Author amerikajin Posted June 29, 2006 Author Posted June 29, 2006 bingo! Women who are very physically attractive don't get dumped. It's anyone's guess why she's hanging around, but she'll be damned if she's gonna get dumped! So, she's "softening up" a little bit, because she senses that you've just about had enough of her crap. But, it's just a facade to reel you back in for some more abuse. I've wondered if this wasn't the case, especially since the timing is coincidental. I want to give her the benefit of the doubt but at the same time, I don't want to be a complete sucker either. I think the other reason she might becoming a bit more humble recently is because she recently changed jobs. We both used to work in an office where there lots of young, horny guys and they were always hitting on her and showering her with attention.
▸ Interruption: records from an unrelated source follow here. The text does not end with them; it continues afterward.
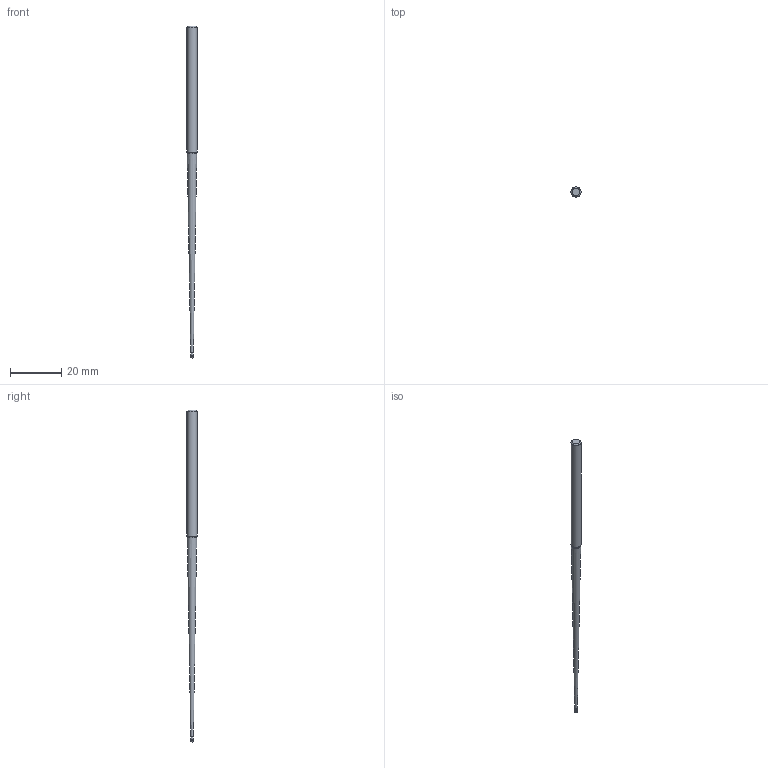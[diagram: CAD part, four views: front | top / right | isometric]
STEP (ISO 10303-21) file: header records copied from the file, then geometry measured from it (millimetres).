
FILE_DESCRIPTION((''),'2;1');
FILE_NAME('C:\Users\nsx150\AppData\Local\Temp\Mastercam 2021\SNAKH10GOD\TEMP.step','2021-10-21T13:32:14',(''),(''),'STEP Write','Mastercam 2021 ... CNC Software, Inc.','');
FILE_SCHEMA(('AUTOMOTIVE_DESIGN'));
Length unit declared in the file: millimetre
Products named in the file (1): None
Bounding box: 4 x 4 x 130 mm (x, y, z)
Volume: 1005 mm3; surface area: 1221.1 mm2
Topology: 2 solids, 2 shells, 10 faces, 16 edges, 9 vertices
Faces by surface type: plane 3, cylinder 3, cone 3, sphere 1
Full cylindrical faces by diameter (mm): 0.985 x1, 1 x1, 4 x1
Entity records: 232 total; most frequent: DIRECTION 40, CARTESIAN_POINT 28, AXIS2_PLACEMENT_3D 20, ORIENTED_EDGE 16, EDGE_LOOP 16, STYLED_ITEM 13, ADVANCED_FACE 10, FACE_BOUND 9

Now she's away from that and I think she's more isolated than she used to be, so in some ways it's made our relationship a little easier as of late.
KnowHowLoveFeels Posted June 29, 2006 Posted June 29, 2006 Well, hot girls do hate rejection. AM, the way to decide on whether you should stay or go is this: do you still love her? Do you still care about her well being and making her happy? If you don't... then you should go. She's trying to hang on because she doesn't want to be dumped. Just the thought of it puts her in a panic mode - and she'll try all her might to 'fix' it. Once she senses that you are in her trap, she'll turn back to her old self. I can guarantee it! Her true nature does not consist consideration and kindness for others. That doesn't change. Good luck with the 'break-up'. I sincerely hope that you can walk away. I ddin't walk away from mine, and then I married him out of pity, guilty. (Yes, YOU can be suckered into marrying someone out of guilt, too!)